Wie in der Geschichte wirkte der mit einer Weste bekleidete ältere Rezeptionist im Hilman freundlich und durch und durch normal, und er vermietete mir nur zu gern ein Zimmer. Ohne groß nachzudenken, sprudelte aus mir heraus: »Ist Zimmer 428 zufälligerweise noch frei?«, da es sich dabei, wie scharfsinnige Leser wissen werden, um das Zimmer handelte, das Robert Olmstead in der Geschichte bewohnt hatte.
»Sie sind schon einmal hier gewesen!« Der Mann, der mit einem unerkennbaren Akzent sprach, schien sich zu freuen. »Das kann nur bedeuten, dass es Ihnen hier gefallen hat. Seit dem Wiederaufbau sieht Olmstead recht schmuck aus, und hier gibt es einige Annehmlichkeiten.«
Ich wollte seine Annahme nicht widerlegen, indem ich zugab, noch nie hier gewesen zu sein, sondern erkundigte mich stattdessen: »Seit dem Wiederaufbau?«
»Ah, ja, Sir. 1930, ’31 ungefähr haben Regierungsfirmen all diese schönen, robusten Blockhäuser aufgestellt.
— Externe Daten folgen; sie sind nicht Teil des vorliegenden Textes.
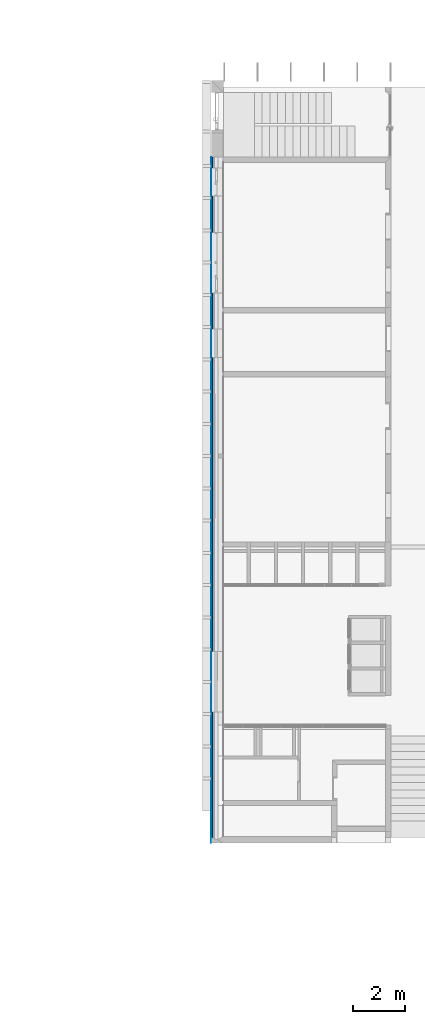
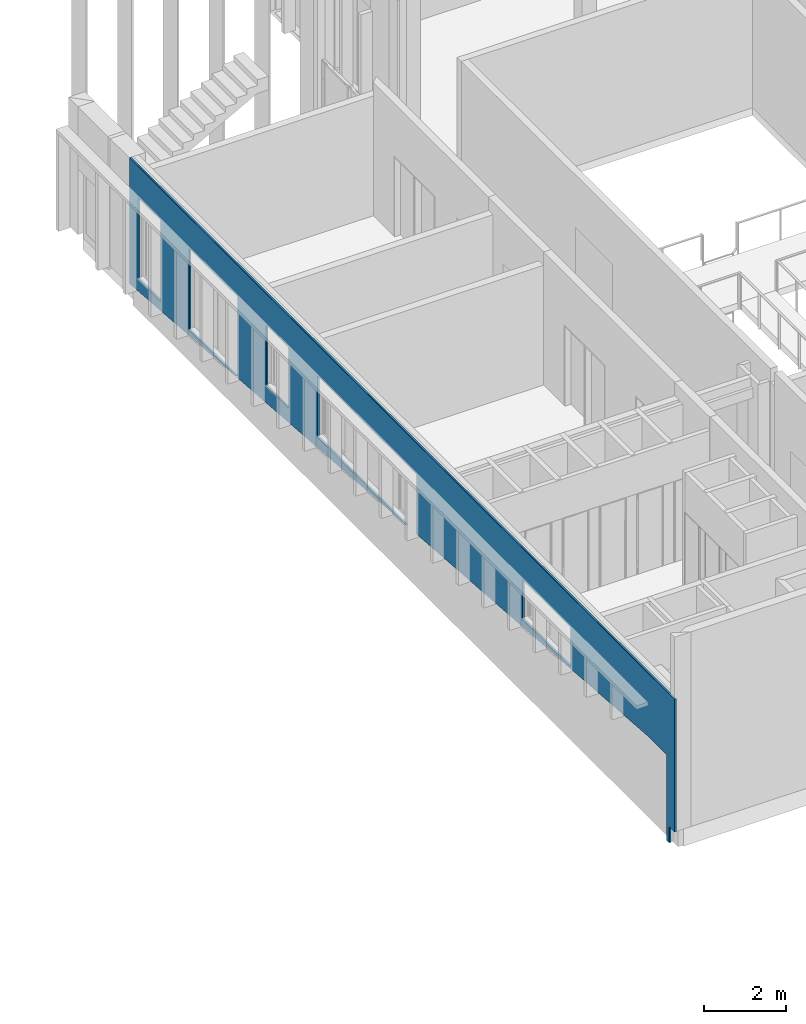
# One storey, part 81 of 89: 2 building element parts, 5 openings, 1 element without a shape of its own.
"""IFC2X3 building model written with IfcOpenShell, lengths in millimetres."""

from ifc_helpers import new_model, entity, si_unit, converted_unit, derived_unit, money_unit, direction, frame, origin_with_axes, origin_2d_with_axis, place, context, subcontext, project, spatial, polyline, rectangle, outline, extrude, boolean, faceted_brep, material, type_object, element, aggregate, save


model = new_model("IFC2X3")

# Units and contexts
model_context = context("Model", 3, precision=0.01, world=origin_with_axes(), true_north=direction((0.0, 1.0)))
body_context = subcontext(model_context, "Body", "Model", "MODEL_VIEW")
ifc_project = project(units=[si_unit("LENGTHUNIT", "METRE", prefix="MILLI"), si_unit("AREAUNIT", "SQUARE_METRE"), si_unit("VOLUMEUNIT", "CUBIC_METRE"), converted_unit("PLANEANGLEUNIT", "DEGREE", entity("IfcPlaneAngleMeasure", 0.0174532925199), si_unit("PLANEANGLEUNIT", "RADIAN"), dimensions=[0, 0, 0, 0, 0, 0, 0]), si_unit("SOLIDANGLEUNIT", "STERADIAN"), money_unit("EUR"), converted_unit("TIMEUNIT", "Year", entity("IfcTimeMeasure", 31556926.0), si_unit("TIMEUNIT", "SECOND"), dimensions=[0, 0, 1, 0, 0, 0, 0]), si_unit("MASSUNIT", "GRAM", prefix="KILO"), si_unit("THERMODYNAMICTEMPERATUREUNIT", "DEGREE_CELSIUS"), si_unit("LUMINOUSINTENSITYUNIT", "LUMEN"), si_unit("ENERGYUNIT", "JOULE", prefix="MEGA"), derived_unit("THERMALCONDUCTANCEUNIT", [(si_unit("POWERUNIT", "WATT"), 1), (si_unit("LENGTHUNIT", "METRE"), -1), (si_unit("THERMODYNAMICTEMPERATUREUNIT", "KELVIN"), -1)]), derived_unit("SPECIFICHEATCAPACITYUNIT", [(si_unit("ENERGYUNIT", "JOULE"), 1), (si_unit("MASSUNIT", "GRAM", prefix="KILO"), -1), (si_unit("THERMODYNAMICTEMPERATUREUNIT", "KELVIN"), -1)]), derived_unit("MASSDENSITYUNIT", [(si_unit("MASSUNIT", "GRAM", prefix="KILO"), 1), (si_unit("VOLUMEUNIT", "CUBIC_METRE"), -1)])], contexts=[model_context])

# Site, building, storey
site_placement = place(None, origin_with_axes())
site = spatial("IfcSite", under=ifc_project, at=site_placement, Name="Puškini 31, Narva", CompositionType="ELEMENT")
building_placement = place(site_placement, origin_with_axes())
building = spatial("IfcBuilding", under=site, at=building_placement, Name="Narva Riigigümnaasium", CompositionType="ELEMENT")
storey_placement = place(building_placement, frame((0.0, 0.0, -3300.0), z_axis=(0.0, 0.0, 1.0), x_axis=(1.0, 0.0, 0.0)))
storey = spatial("IfcBuildingStorey", under=building, at=storey_placement, Name="1.korrus -3.3", CompositionType="ELEMENT", Elevation=-3300.0)

# Wall, openings, building element parts
wall_type = type_object("IfcWallType", Name="G-VS-01 468", PredefinedType="NOTDEFINED")
wall_placement = place(storey_placement, frame((28400.0401775, 194950.0, -470.0), z_axis=(0.0, 0.0, 1.0), x_axis=(0.0, 1.0, 0.0)))
wall = element("IfcWall", 1, at=wall_placement, inside=storey, type_object=wall_type, Name="Välissein")
opening_1_placement = place(wall_placement, frame((22239.786406, 0.0, 1070.0), z_axis=(0.0, 0.0, 1.0), x_axis=(1.0, 0.0, 0.0)))
element("IfcOpeningElement", 2, at=opening_1_placement, cuts=wall, Name="G-A-13", context=body_context, shape_type="SweptSolid", body=[
    extrude(rectangle(XDim=2349.99999895, YDim=2430.0, at=origin_2d_with_axis()), frame((0.0, 308.0, 1215.0), z_axis=(0.0, -1.0, 0.0), x_axis=(1.0, 0.0, 0.0)), (0.0, 0.0, 1.0), 786.0),
    extrude(rectangle(XDim=2349.99999895, YDim=2430.0, at=origin_2d_with_axis()), frame((0.0, 308.0, 1215.0), z_axis=(0.0, 1.0, 0.0), x_axis=(1.0, 0.0, 0.0)), (0.0, 0.0, 1.0), 618.0),
])
opening_2_placement = place(wall_placement, frame((5989.77846398, 0.0, 2320.0), z_axis=(0.0, 0.0, 1.0), x_axis=(1.0, 0.0, 0.0)))
element("IfcOpeningElement", 3, at=opening_2_placement, cuts=wall, Name="G-A-31", context=body_context, shape_type="SweptSolid", body=[
    extrude(rectangle(XDim=2350.00149091, YDim=1180.0, at=origin_2d_with_axis()), frame((0.0, 308.0, 590.0), z_axis=(0.0, 1.0, 0.0), x_axis=(-1.0, 0.0, 0.0)), (0.0, 0.0, -1.0), 786.0),
    extrude(rectangle(XDim=2350.00149091, YDim=1180.0, at=origin_2d_with_axis()), frame((0.0, 308.0, 590.0), z_axis=(0.0, -1.0, 0.0), x_axis=(-1.0, 0.0, 0.0)), (0.0, 0.0, -1.0), 618.0),
])
opening_3_placement = place(wall_placement, frame((19114.7792041, 0.0, 1680.0), z_axis=(0.0, 0.0, 1.0), x_axis=(1.0, 0.0, 0.0)))
element("IfcOpeningElement", 4, at=opening_3_placement, cuts=wall, Name="G-A-28", context=body_context, shape_type="SweptSolid", body=[
    extrude(rectangle(XDim=1099.99999951, YDim=1820.0, at=origin_2d_with_axis()), frame((0.0, 308.0, 910.0), z_axis=(0.0, 1.0, 0.0), x_axis=(-1.0, 0.0, 0.0)), (0.0, 0.0, -1.0), 786.0),
    extrude(rectangle(XDim=1099.99999951, YDim=1820.0, at=origin_2d_with_axis()), frame((0.0, 308.0, 910.0), z_axis=(0.0, -1.0, 0.0), x_axis=(-1.0, 0.0, 0.0)), (0.0, 0.0, -1.0), 618.0),
])
opening_4_placement = place(wall_placement, frame((25364.7792014, 0.0, 1070.0), z_axis=(0.0, 0.0, 1.0), x_axis=(1.0, 0.0, 0.0)))
element("IfcOpeningElement", 5, at=opening_4_placement, cuts=wall, Name="G-A-03", context=body_context, shape_type="SweptSolid", body=[
    extrude(rectangle(XDim=1099.99999951, YDim=2430.0, at=origin_2d_with_axis()), frame((0.0, 308.0, 1215.0), z_axis=(0.0, 1.0, 0.0), x_axis=(-1.0, 0.0, 0.0)), (0.0, 0.0, -1.0), 786.0),
    extrude(rectangle(XDim=1099.99999951, YDim=2430.0, at=origin_2d_with_axis()), frame((0.0, 308.0, 1215.0), z_axis=(0.0, -1.0, 0.0), x_axis=(-1.0, 0.0, 0.0)), (0.0, 0.0, -1.0), 618.0),
])
opening_5_placement = place(wall_placement, frame((14739.7780345, 0.0, 1680.0), z_axis=(0.0, 0.0, 1.0), x_axis=(1.0, 0.0, 0.0)))
element("IfcOpeningElement", 6, at=opening_5_placement, cuts=wall, Name="G-A-32", context=body_context, shape_type="SweptSolid", body=[
    extrude(rectangle(XDim=4850.0, YDim=1820.0, at=origin_2d_with_axis()), frame((0.0, 308.0, 910.0), z_axis=(0.0, 1.0, 0.0), x_axis=(-1.0, 0.0, 0.0)), (0.0, 0.0, -1.0), 786.0),
    extrude(rectangle(XDim=4850.0, YDim=1820.0, at=origin_2d_with_axis()), frame((0.0, 308.0, 910.0), z_axis=(0.0, -1.0, 0.0), x_axis=(-1.0, 0.0, 0.0)), (0.0, 0.0, -1.0), 618.0),
])
ifc_material_1 = material(Name="Salto-roovitus")
building_element_part_1_placement = place(wall_placement, origin_with_axes())
solid_1 = boolean("DIFFERENCE", boolean("DIFFERENCE", boolean("DIFFERENCE", boolean("DIFFERENCE", boolean("DIFFERENCE", boolean("DIFFERENCE", boolean("DIFFERENCE", boolean("DIFFERENCE", extrude(outline(polyline([(-250.000000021, 400.0), (26329.9999995, 400.0), (26329.9999995, 450.0), (-250.000000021, 450.0), (-250.000000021, 400.0)])), frame((0.0, 0.0, -3.77662452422e-05), z_axis=(0.0, 0.0, 1.0), x_axis=(1.0, 0.0, 0.0)), (0.0, 0.0, 1.0), 4430.00003777), faceted_brep([(1190.52853669, 0.0, 4025.0), (1190.52853669, 0.0, 4430.0), (26329.9999995, 0.0, 4430.0), (26329.9999995, 0.0, -3.77662452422e-05), (-250.000000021, 0.0, -3.77662452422e-05), (-250.000000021, 0.0, 4430.0), (2.070521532e-07, 0.0, 4430.0), (2.070521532e-07, 0.0, 470.0), (1049.7643016, 0.0, 470.0), (1049.7643016, 0.0, 2544.59009685), (1199.99999458, 0.0, 2533.56443721), (1199.99999458, 0.0, 4025.0), (1399.99999458, 0.0, 2518.88662074), (3009.99970185, 0.0, 2400.73021962), (3009.99970185, 0.0, 4025.0), (1399.99999458, 0.0, 4025.0), (3109.99970185, 0.0, 2393.39131138), (11024.9997106, 0.0, 1812.51672386), (11024.9997106, 0.0, 4025.0), (9809.99971924, 0.0, 4025.0), (9809.99971924, 0.0, 2870.0), (9709.99971924, 0.0, 2870.0), (9709.99971924, 0.0, 4025.0), (4309.99971617, 0.0, 4025.0), (4309.99971617, 0.0, 2870.0), (4159.99971617, 0.0, 2870.0), (4159.99971617, 0.0, 4025.0), (3109.99970185, 0.0, 4025.0), (11115.4997106, 0.0, 1805.87501191), (11209.9997093, 0.0, 1798.93974372), (11209.9997107, 0.0, 4025.0), (11115.4997106, 0.0, 4025.0), (11409.9997107, 0.0, 1784.26192714), (17820.0010182, 0.0, 1313.83781325), (17820.0010182, 0.0, 4025.0), (11409.9997107, 0.0, 4025.0), (18020.0010182, 0.0, 1299.15999678), (20290.0000006, 0.0, 1132.56685451), (20290.0000006, 0.0, 4025.0), (18020.0010182, 0.0, 4025.0), (20500.0000006, 0.0, 1117.15514721), (26129.9999995, 0.0, 703.974613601), (26129.9999995, 0.0, 4025.0), (20500.0000006, 0.0, 4025.0), (1190.52734088, -10.0, 4025.0), (1190.52734088, -10.0, 4430.0), (26329.9999995, -10.0, 4430.0), (26329.9999995, -10.0, -3.77662452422e-05), (-250.000000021, -10.0, -3.77662452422e-05), (-250.000000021, -10.0, 4430.0), (2.070521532e-07, -10.0, 4430.0), (2.070521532e-07, -10.0, 470.0), (1049.7643016, -10.0, 470.0), (1049.7643016, -10.0, 2544.59009685), (1199.99999458, -10.0, 2533.56443721), (1199.99999458, -10.0, 4025.0), (1399.99999458, -10.0, 2518.88662074), (3009.99970185, -10.0, 2400.73021962), (3009.99970185, -10.0, 4025.0), (1399.99999458, -10.0, 4025.0), (3109.99970185, -10.0, 2393.39131138), (11024.9997106, -10.0, 1812.51672386), (11024.9997106, -10.0, 4025.0), (9809.99971924, -10.0, 4025.0), (9809.99971924, -10.0, 2870.0), (9709.99971924, -10.0, 2870.0), (9709.99971924, -10.0, 4025.0), (4309.99971617, -10.0, 4025.0), (4309.99971617, -10.0, 2870.0), (4159.99971617, -10.0, 2870.0), (4159.99971617, -10.0, 4025.0), (3109.99970185, -10.0, 4025.0), (11115.4997106, -10.0, 1805.87501191), (11209.9997093, -10.0, 1798.93974372), (11209.9997107, -10.0, 4025.0), (11115.4997106, -10.0, 4025.0), (11409.9997107, -10.0, 1784.26192714), (17820.0010182, -10.0, 1313.83781325), (17820.0010182, -10.0, 4025.0), (11409.9997107, -10.0, 4025.0), (18020.0010182, -10.0, 1299.15999678), (20290.0000006, -10.0, 1132.56685451), (20290.0000006, -10.0, 4025.0), (18020.0010182, -10.0, 4025.0), (20500.0000006, -10.0, 1117.15514721), (26129.9999995, -10.0, 703.974613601), (26129.9999995, -10.0, 4025.0), (20500.0000006, -10.0, 4025.0)], [[[0, 1, 2, 3, 4, 5, 6, 7, 8, 9, 10, 11], [12, 13, 14, 15], [16, 17, 18, 19, 20, 21, 22, 23, 24, 25, 26, 27], [28, 29, 30, 31], [32, 33, 34, 35], [36, 37, 38, 39], [40, 41, 42, 43]], [[44, 45, 1, 0]], [[1, 45, 46, 2]], [[2, 46, 47, 3]], [[3, 47, 48, 4]], [[49, 5, 4, 48]], [[50, 6, 5, 49]], [[6, 50, 51, 7]], [[51, 52, 8, 7]], [[52, 53, 9, 8]], [[53, 54, 10, 9]], [[54, 55, 11, 10]], [[55, 44, 0, 11]], [[56, 57, 13, 12]], [[57, 58, 14, 13]], [[58, 59, 15, 14]], [[59, 56, 12, 15]], [[60, 61, 17, 16]], [[61, 62, 18, 17]], [[62, 63, 19, 18]], [[63, 64, 20, 19]], [[64, 65, 21, 20]], [[65, 66, 22, 21]], [[66, 67, 23, 22]], [[67, 68, 24, 23]], [[68, 69, 25, 24]], [[69, 70, 26, 25]], [[70, 71, 27, 26]], [[71, 60, 16, 27]], [[72, 73, 29, 28]], [[73, 74, 30, 29]], [[74, 75, 31, 30]], [[75, 72, 28, 31]], [[76, 77, 33, 32]], [[77, 78, 34, 33]], [[78, 79, 35, 34]], [[79, 76, 32, 35]], [[80, 81, 37, 36]], [[81, 82, 38, 37]], [[82, 83, 39, 38]], [[83, 80, 36, 39]], [[84, 85, 41, 40]], [[85, 86, 42, 41]], [[86, 87, 43, 42]], [[87, 84, 40, 43]], [[45, 44, 55, 54, 53, 52, 51, 50, 49, 48, 47, 46], [64, 63, 62, 61, 60, 71, 70, 69, 68, 67, 66, 65], [56, 59, 58, 57], [72, 75, 74, 73], [76, 79, 78, 77], [80, 83, 82, 81], [84, 87, 86, 85]]])), faceted_brep([(0.0, 0.0, 0.0), (2.070521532e-07, 0.0, 470.0), (2.070521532e-07, 0.0, 4430.0), (-250.000000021, 0.0, 4430.0), (-250.000000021, 0.0, -3.77662452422e-05), (0.0, 200.0, 0.0), (2.070521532e-07, 200.0, 470.0), (2.070521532e-07, 200.0, 4430.0), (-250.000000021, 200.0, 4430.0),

Feuerfest, sturmfest, wie sie an vielen anderen Orten auch stehen. Als letzten September der große Sturm über uns niederging, waren danach keine Schäden an den Gebäuden festzustellen. Das Olmstead der Vergangenheit war ein trauriger Anblick. Nichts als eine verrottete Hafenstadt, die in sich selbst zusammenfiel. Gott möge Roosevelt und Garner segnen!«
Das überraschte mich keineswegs. Kurz nach dem Zusammenbruch der Börsen ’28 hatte man die landesweite Wiederbeschäftigungskampagne ins Leben gerufen, bei der Tausende Arbeitsloser für einen Dollar pro Tag bei Bauprojekten beschäftigt wurden. Viele reparaturbedürftige Städte wurden auf diese Weise wieder aufgebaut. Angeregt durch diese neue Information glaubte ich, mir ziemlich gut vorstellen zu können, wie Olmstead vor diesem Wiederaufbau ausgesehen haben musste – das Stadtbild musste in etwa so ausgesehen haben, wie es Lovecraft seinen Lesern in Schatten über Innsmouth beschrieben hatte.